Steve Kim of Max Boxing was told by promoter Dan Goossen that a James Toney-Hasim Rahman fight is set for July, and that he was simply working on finding a TV slot for the bout.
The two previously met in 2006 for the WBC title in a dreadful draw that featured Toney as fat as he ever got, at 237 pounds on his 5'10" frame, and is considered by most to be a fight that Rahman should have won on the judges' scorecards. I suppose the motivating factor as far as a hype line is "unfinished business," but that fight was so much older than two years of age in terms of relevance that it might as well be Fenech-Nelson III.
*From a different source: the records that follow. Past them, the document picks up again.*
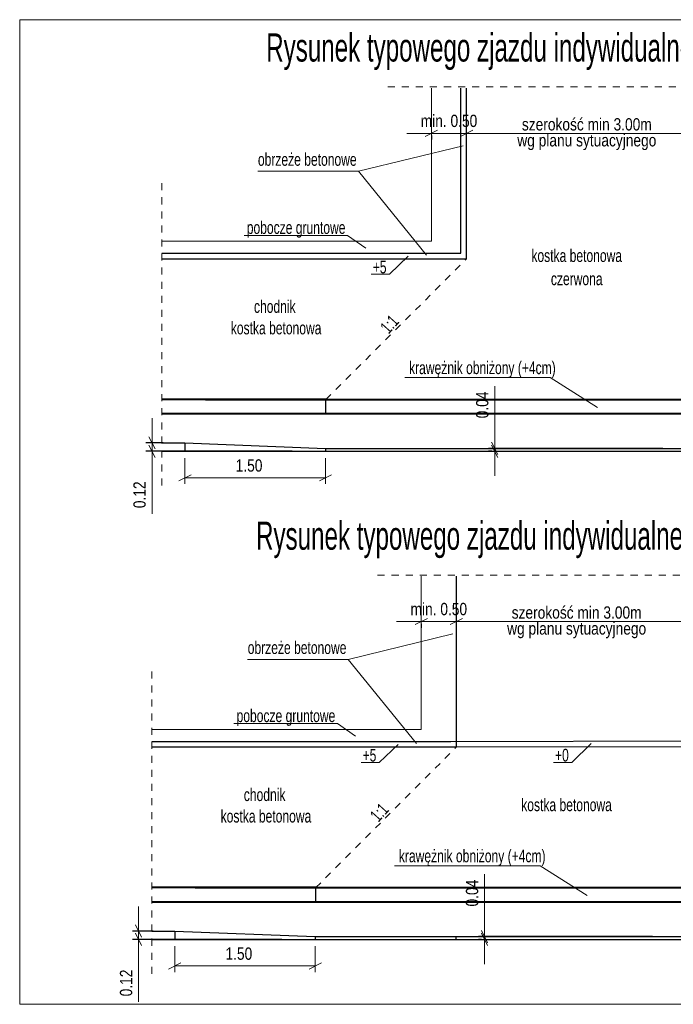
# Model space of a CAD drawing. Header units: metres. Extents: x -488330 to 1463, y -18748 to 6602.
import ezdxf
from ezdxf.enums import TextEntityAlignment as Align

# ---------------------------------------------------------------- set-up
doc = ezdxf.new("R2010")
doc.units = ezdxf.units.M
doc.header["$MEASUREMENT"] = 0
doc.linetypes.add('DGN Style 2', pattern=[0.11425664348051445, 0.06855398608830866, -0.04570265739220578])
doc.linetypes.add('DGN Style 4', pattern=[0.18292488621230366, 0.09140531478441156, -0.04570265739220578, 0.0001142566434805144, -0.04570265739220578])
for name, color, linetype, lineweight in [('1_tabelka', 7, 'Continuous', 0), ('3_opisy', 7, 'Continuous', 0), ('konstrukcja jezdni', 7, 'Continuous', 0), ('Level 6', 7, 'Continuous', 0), ('Warstwa 3', 7, 'Continuous', 0)]:
    doc.layers.add(name, color=color, linetype=linetype, lineweight=lineweight)
doc.styles.add('Style-Arial', font='arial.ttf')
doc.styles.add('Style-Arial Narrow', font='ARIALN.TTF')
doc.dimstyles.new('Proszowice', dxfattribs={"dimtxt": 0.175, "dimasz": 0.175, "dimexe": 0.08750000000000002, "dimexo": 0.08750000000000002, "dimgap": 0.08750000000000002, "dimtad": 1, "dimzin": 3, "dimdsep": 46, "dimtxsty": 'Style-Arial', "dimblk": '_Oblique_0.5', "dimcen": 0.09000000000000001, "dimclrd": 7, "dimadec": 4, "dimazin": 3, "dimtfac": 1, "dimtmove": 0, "dimatfit": 1, "dimldrblk": 'TerminatorOpen_0.5', "dimfxl": 1, "dimfrac": 2, "dimtzin": 3, "dimlwd": 0, "dimarcsym": 0})

# ---------------------------------------------------------------- blocks, each defined once
blk = doc.blocks.new('_Oblique_0.5')
at = {"color": 0, "linetype": 'ByBlock', "lineweight": -2}
for p, q in [((0, 0), (-1, 0)), ((0.5, 0.25), (-0.5, -0.25))]:
    blk.add_line(p, q, dxfattribs=at)
blk = doc.blocks.new('*D2')
at = {"layer": 'Defpoints', "color": 0, "linetype": 'Continuous', "lineweight": 30}
for p in [(1444.573533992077, 585.1113397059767), (1444.820447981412, 585.1113397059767), (1446.65274079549, 584.9913397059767)]:
    blk.add_point(p, dxfattribs=at)
at = {"layer": 'konstrukcja jezdni', "color": 7, "linetype": 'Continuous', "lineweight": 0}
for p, q in [((1444.573533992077, 585.2863397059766), (1444.573533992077, 585.4613397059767)), ((1444.573533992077, 585.1113397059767), (1444.573533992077, 584.9913397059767)), ((1444.573533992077, 584.8163397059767), (1444.573533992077, 584.1041159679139))]:
    blk.add_line(p, q, dxfattribs=at)
at = {"layer": 'konstrukcja jezdni', "color": 0, "linetype": 'Continuous', "lineweight": -2}
for p, q in [((1444.732947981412, 585.1113397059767), (1444.486033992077, 585.1113397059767)), ((1446.56524079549, 584.9913397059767), (1444.486033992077, 584.9913397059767))]:
    blk.add_line(p, q, dxfattribs=at)
at = {"layer": 'konstrukcja jezdni', "color": 7, "linetype": 'Continuous', "lineweight": 0, "xscale": 0.175, "yscale": 0.175, "zscale": 0.175}
for p, rotation in [((1444.573533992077, 585.1113397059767), 270), ((1444.573533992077, 584.9913397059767), 90)]:
    blk.add_blockref('_Oblique_0.5', p, dxfattribs=dict(at, rotation=rotation))
at = {"layer": 'konstrukcja jezdni', "color": 0, "linetype": 'Continuous', "lineweight": 0, "insert": (1444.396683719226, 584.3727278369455), "char_height": 0.175, "attachment_point": 5, "rotation": 90, "style": 'Style-Arial'}
blk.add_mtext('\\H1x;\\W0.8;0.12', dxfattribs=at)
blk = doc.blocks.new('TerminatorOpen_0.5')
at = {"color": 0, "linetype": 'ByBlock', "lineweight": -2}
for q in [(-1, 0.25), (-1, 0), (-1, -0.25)]:
    blk.add_line((0, 0), q, dxfattribs=at)
blk = doc.blocks.new('*D3')
at = {"layer": 'Defpoints', "color": 0, "linetype": 'Continuous', "lineweight": 30}
for p in [(1449.449043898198, 585.0313397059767), (1449.492947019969, 584.9913397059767), (1451.925705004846, 585.0313397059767)]:
    blk.add_point(p, dxfattribs=at)
at = {"layer": 'konstrukcja jezdni', "color": 7, "linetype": 'Continuous', "lineweight": 0}
for p, q in [((1449.449043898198, 585.2063397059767), (1449.449043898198, 585.9194229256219)), ((1449.449043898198, 584.9913397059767), (1449.449043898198, 585.0313397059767)), ((1449.449043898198, 584.8163397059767), (1449.449043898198, 584.6413397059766))]:
    blk.add_line(p, q, dxfattribs=at)
at = {"layer": 'konstrukcja jezdni', "color": 0, "linetype": 'Continuous', "lineweight": -2}
for p, q in [((1451.838205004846, 585.0313397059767), (1449.361543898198, 585.0313397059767)), ((1449.405447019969, 584.9913397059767), (1449.361543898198, 584.9913397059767))]:
    blk.add_line(p, q, dxfattribs=at)
at = {"layer": 'konstrukcja jezdni', "color": 7, "linetype": 'Continuous', "lineweight": 0, "xscale": 0.175, "yscale": 0.175, "zscale": 0.175}
for p, rotation in [((1449.449043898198, 585.0313397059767), 270), ((1449.449043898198, 584.9913397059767), 90)]:
    blk.add_blockref('_Oblique_0.5', p, dxfattribs=dict(at, rotation=rotation))
at = {"layer": 'konstrukcja jezdni', "color": 0, "linetype": 'Continuous', "lineweight": 0, "insert": (1449.272193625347, 585.6503813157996), "char_height": 0.175, "attachment_point": 5, "rotation": 90, "style": 'Style-Arial'}
blk.add_mtext('\\H1x;\\W0.8;0.04', dxfattribs=at)
blk = doc.blocks.new('*D4')
at = {"layer": 'Defpoints', "color": 0, "linetype": 'Continuous', "lineweight": 30}
for p in [(1452.548287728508, 589.5114387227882), (1449.048287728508, 589.3973015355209), (1452.548287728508, 589.3718739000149)]:
    blk.add_point(p, dxfattribs=at)
at = {"layer": 'konstrukcja jezdni', "color": 0, "linetype": 'Continuous', "lineweight": -2}
for p, q in [((1449.048287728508, 589.4848015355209), (1449.048287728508, 589.5989387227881)), ((1452.548287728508, 589.4593739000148), (1452.548287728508, 589.5989387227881))]:
    blk.add_line(p, q, dxfattribs=at)
at = {"layer": 'konstrukcja jezdni', "color": 7, "linetype": 'Continuous', "lineweight": 0}
blk.add_line((1449.223287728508, 589.5114387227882), (1452.373287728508, 589.5114387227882), dxfattribs=at)
at = {"layer": 'konstrukcja jezdni', "color": 7, "linetype": 'Continuous', "lineweight": 0, "xscale": 0.175, "yscale": 0.175, "zscale": 0.175, "rotation": 180}
blk.add_blockref('_Oblique_0.5', (1449.048287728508, 589.5114387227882), dxfattribs=at)
at = {"layer": 'konstrukcja jezdni', "color": 7, "linetype": 'Continuous', "lineweight": 0, "xscale": 0.175, "yscale": 0.175, "zscale": 0.175}
blk.add_blockref('_Oblique_0.5', (1452.548287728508, 589.5114387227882), dxfattribs=at)
at = {"layer": 'konstrukcja jezdni', "color": 0, "linetype": 'Continuous', "lineweight": 0, "insert": (1450.480519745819, 589.6864387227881), "char_height": 0.175, "attachment_point": 5, "style": 'Style-Arial'}
blk.add_mtext('\\H1x;\\W0.8; ', dxfattribs=at)
blk = doc.blocks.new('*D6')
at = {"layer": 'Defpoints', "color": 0, "linetype": 'Continuous', "lineweight": 30}
for p in [(1448.548287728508, 589.5670875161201), (1448.548287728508, 589.5114387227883), (1449.048287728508, 589.5114387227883)]:
    blk.add_point(p, dxfattribs=at)
at = {"layer": 'konstrukcja jezdni', "color": 7, "linetype": 'Continuous', "lineweight": 0}
for p, q in [((1448.373287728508, 589.5114387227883), (1448.198287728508, 589.5114387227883)), ((1449.048287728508, 589.5114387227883), (1448.548287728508, 589.5114387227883)), ((1449.223287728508, 589.5114387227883), (1449.398287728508, 589.5114387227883))]:
    blk.add_line(p, q, dxfattribs=at)
at = {"layer": 'konstrukcja jezdni', "color": 0, "linetype": 'Continuous', "lineweight": -2}
blk.add_line((1448.548287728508, 589.4795875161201), (1448.548287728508, 589.4239387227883), dxfattribs=at)
at = {"layer": 'konstrukcja jezdni', "color": 7, "linetype": 'Continuous', "lineweight": 0, "xscale": 0.175, "yscale": 0.175, "zscale": 0.175}
blk.add_blockref('_Oblique_0.5', (1448.548287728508, 589.5114387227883), dxfattribs=at)
at = {"layer": 'konstrukcja jezdni', "color": 7, "linetype": 'Continuous', "lineweight": 0, "xscale": 0.175, "yscale": 0.175, "zscale": 0.175, "rotation": 180}
blk.add_blockref('_Oblique_0.5', (1449.048287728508, 589.5114387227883), dxfattribs=at)
at = {"layer": 'konstrukcja jezdni', "color": 0, "linetype": 'Continuous', "lineweight": 0, "insert": (1448.798287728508, 589.6882889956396), "char_height": 0.175, "attachment_point": 5, "style": 'Style-Arial'}
blk.add_mtext('\\H1x;\\W0.8;min. 0.50', dxfattribs=at)
blk = doc.blocks.new('*D8')
at = {"layer": 'Defpoints', "color": 0, "linetype": 'Continuous', "lineweight": 30}
for p in [(1444.382062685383, 578.1700787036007), (1444.675668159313, 578.1700787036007), (1446.507960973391, 578.0500787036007)]:
    blk.add_point(p, dxfattribs=at)
at = {"layer": 'konstrukcja jezdni', "color": 7, "linetype": 'Continuous', "lineweight": 0}
for p, q in [((1444.382062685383, 578.3450787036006), (1444.382062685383, 578.5200787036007)), ((1444.382062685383, 578.1700787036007), (1444.382062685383, 578.0500787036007)), ((1444.382062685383, 577.8750787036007), (1444.382062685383, 577.1628549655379))]:
    blk.add_line(p, q, dxfattribs=at)
at = {"layer": 'konstrukcja jezdni', "color": 0, "linetype": 'Continuous', "lineweight": -2}
for p, q in [((1444.588168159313, 578.1700787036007), (1444.294562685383, 578.1700787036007)), ((1446.420460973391, 578.0500787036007), (1444.294562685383, 578.0500787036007))]:
    blk.add_line(p, q, dxfattribs=at)
at = {"layer": 'konstrukcja jezdni', "color": 7, "linetype": 'Continuous', "lineweight": 0, "xscale": 0.175, "yscale": 0.175, "zscale": 0.175}
for p, rotation in [((1444.382062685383, 578.1700787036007), 270), ((1444.382062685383, 578.0500787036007), 90)]:
    blk.add_blockref('_Oblique_0.5', p, dxfattribs=dict(at, rotation=rotation))
at = {"layer": 'konstrukcja jezdni', "color": 0, "linetype": 'Continuous', "lineweight": 0, "insert": (1444.205212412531, 577.4314668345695), "char_height": 0.175, "attachment_point": 5, "rotation": 90, "style": 'Style-Arial'}
blk.add_mtext('\\H1x;\\W0.8;0.12', dxfattribs=at)
blk = doc.blocks.new('*D9')
at = {"layer": 'Defpoints', "color": 0, "linetype": 'Continuous', "lineweight": 30}
for p in [(1449.304264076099, 578.0900787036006), (1451.780925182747, 578.0900787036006), (1449.34816719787, 578.0500787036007)]:
    blk.add_point(p, dxfattribs=at)
at = {"layer": 'konstrukcja jezdni', "color": 7, "linetype": 'Continuous', "lineweight": 0}
for p, q in [((1449.304264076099, 578.2650787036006), (1449.304264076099, 578.9781619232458)), ((1449.304264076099, 578.0500787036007), (1449.304264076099, 578.0900787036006)), ((1449.304264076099, 577.8750787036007), (1449.304264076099, 577.7000787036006))]:
    blk.add_line(p, q, dxfattribs=at)
at = {"layer": 'konstrukcja jezdni', "color": 0, "linetype": 'Continuous', "lineweight": -2}
for p, q in [((1451.693425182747, 578.0900787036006), (1449.216764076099, 578.0900787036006)), ((1449.26066719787, 578.0500787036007), (1449.216764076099, 578.0500787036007))]:
    blk.add_line(p, q, dxfattribs=at)
at = {"layer": 'konstrukcja jezdni', "color": 7, "linetype": 'Continuous', "lineweight": 0, "xscale": 0.175, "yscale": 0.175, "zscale": 0.175}
for p, rotation in [((1449.304264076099, 578.0900787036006), 270), ((1449.304264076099, 578.0500787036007), 90)]:
    blk.add_blockref('_Oblique_0.5', p, dxfattribs=dict(at, rotation=rotation))
at = {"layer": 'konstrukcja jezdni', "color": 0, "linetype": 'Continuous', "lineweight": 0, "insert": (1449.127413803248, 578.7091203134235), "char_height": 0.175, "attachment_point": 5, "rotation": 90, "style": 'Style-Arial'}
blk.add_mtext('\\H1x;\\W0.8;0.04', dxfattribs=at)
blk = doc.blocks.new('*D10')
at = {"layer": 'Defpoints', "color": 0, "linetype": 'Continuous', "lineweight": 30}
for p in [(1452.403507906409, 582.5701777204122), (1448.903507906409, 582.4560405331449), (1452.403507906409, 582.4306128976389)]:
    blk.add_point(p, dxfattribs=at)
at = {"layer": 'konstrukcja jezdni', "color": 0, "linetype": 'Continuous', "lineweight": -2}
for p, q in [((1448.903507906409, 582.5435405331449), (1448.903507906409, 582.6576777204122)), ((1452.403507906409, 582.5181128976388), (1452.403507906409, 582.6576777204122))]:
    blk.add_line(p, q, dxfattribs=at)
at = {"layer": 'konstrukcja jezdni', "color": 7, "linetype": 'Continuous', "lineweight": 0}
blk.add_line((1449.078507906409, 582.5701777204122), (1452.228507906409, 582.5701777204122), dxfattribs=at)
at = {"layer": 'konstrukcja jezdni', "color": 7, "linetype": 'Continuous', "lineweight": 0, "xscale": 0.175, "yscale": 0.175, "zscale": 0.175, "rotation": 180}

Since the two last met, here's what has happened in each of their careers.
Hasim Rahman
- Dropped the WBC strap five months later (August 2006) to Oleg Maskaev in a mild upset with a scintillating finish, a 12th round TKO with an official time of 43 seconds remaining in the bout.
- Took ten months off, and came back on Vs. to fight Taurus Sykes in an ugly, awful ten-round unanimous decision win. Rahman was Toney-fat for this fight, weighing in at a career-high 261 pounds and looking every bit as out of shape as that would make one expect.
- Lost 11 pounds and knocked out Dicky Ryan in two rounds in Mt. Pleasant, Michigan. Lost 10 more and knocked out Cerrone Fox in one in Sault Ste. Marie, Michigan.
- Took on and defeated the delightfully quirky veteran Zuri Lawrence (23-13-4, 0 KO as of this writing), and gutted out a much harder than it should have been 10th round TKO. At the time of stoppage, Lawrence led on one card, 86-84, and Rahman led on the other two, 86-84 and 88-82.
James Toney
- Six months after the draw against Rahman, he lost a split decision against Samuel Peter in a WBC mandatory. Most felt Peter won the fight, but Gale Van Hoy scored it 115-112 for Toney. Peter won the other cards, 116-111 both times.
- Four months after the Peter bout, the WBC held an ordered rematch mandatory, which was B.S., but that's the way it is. This time, Peter dominated, routing Toney on scores of 118-110, 118-110 and 119-108.
- Another four months passed and Toney took a stay-warm fight against journeyman Danny Batchelder, who, like Toney, started his career much lighter. Batchelder came in as a super middleweight/light heavyweight, though he obviously never reached the levels that "Lights Out" did in his prime. Toney struggled to an anemic split decision victory. After the fight, Toney tested positive for steroids for the second time in his career, though he got his suspension reduced to six months after appealing and claiming someone must have tampered with his water bottle. Yeah, that must've been it.
So what we're looking at is a pair of former stars, one an ex-heavyweight titlist and the other a former beltholder at middleweight, super middleweight, light heavyweight and cruiserweight who just never quite got over that final hump at heavyweight, although he was quite competitive for a while.
And both are washed-up, shot fighters with no future who are hanging on to that glimmer of hope that maybe they'll get to fight Wladimir Klitschko or someone and score an upset.
Rahman is 35 years old. Toney turns 40 in August. Goossen wants to get the fight on either ESPN2 or FOX Sports Net, the latter of which would probably jump at the opportunity of a "Best Damn Fight Night" piece of crap featuring two faded ex-names, one of whom has twice disgraced himself and his legacy and has been the butt of more fat jokes than almost anyone in the sport's history, and the other of whom is just an aged fighter running on fumes, as happens to most fighters.
It might seem like I don't like James Toney, which is true, but I also don't want to give the impression that I don't respect what he's done in the sport. He was a hell of a middleweight. Great fighter. And I've always found him to be entertaining and funny. But look at baseball. Most fans are pretty self-righteous about the steroids thing over there. Most writers are even worse than the fans. Why is it that when Toney tests positive twice in a sport where men are hurting one another on purpose, almost nobody bats an eye?
Toney doesn't deserve another shot at TV or stardom. He deserves to be cast aside. If you buy his claims of being tampered with, then I've got a bridge, yada yada yada.
Is anybody really going to care about this fight? If Rahman wins, what's his real upside? Fighting David Haye? I don't think Haye is destined to be the savior of the division, but I'm pretty sure he'd take Rahman's head off at this point. What is the Toney future plan, should he beat Rahman? A fight with Klitschko? Are you kidding?
I suppose one of them COULD fight Evander Holyfield on pay-per-view to kickstart Evander's next run at unifying all four heavyweight titles. Better yet, let's not give anyone ideas.
I have literally no interest in seeing this fight. If it's on free TV on a Wednesday, I'll tune in, because I'm a lunatic and I still firmly believe that to love the great fights, you have to see the bad ones, plus there's always that outside chance that two worn-out fighters show up and their diminished skills come together in such a way that something pretty damn good happens. Mayorga-Vargas worked at 164 pounds, after all.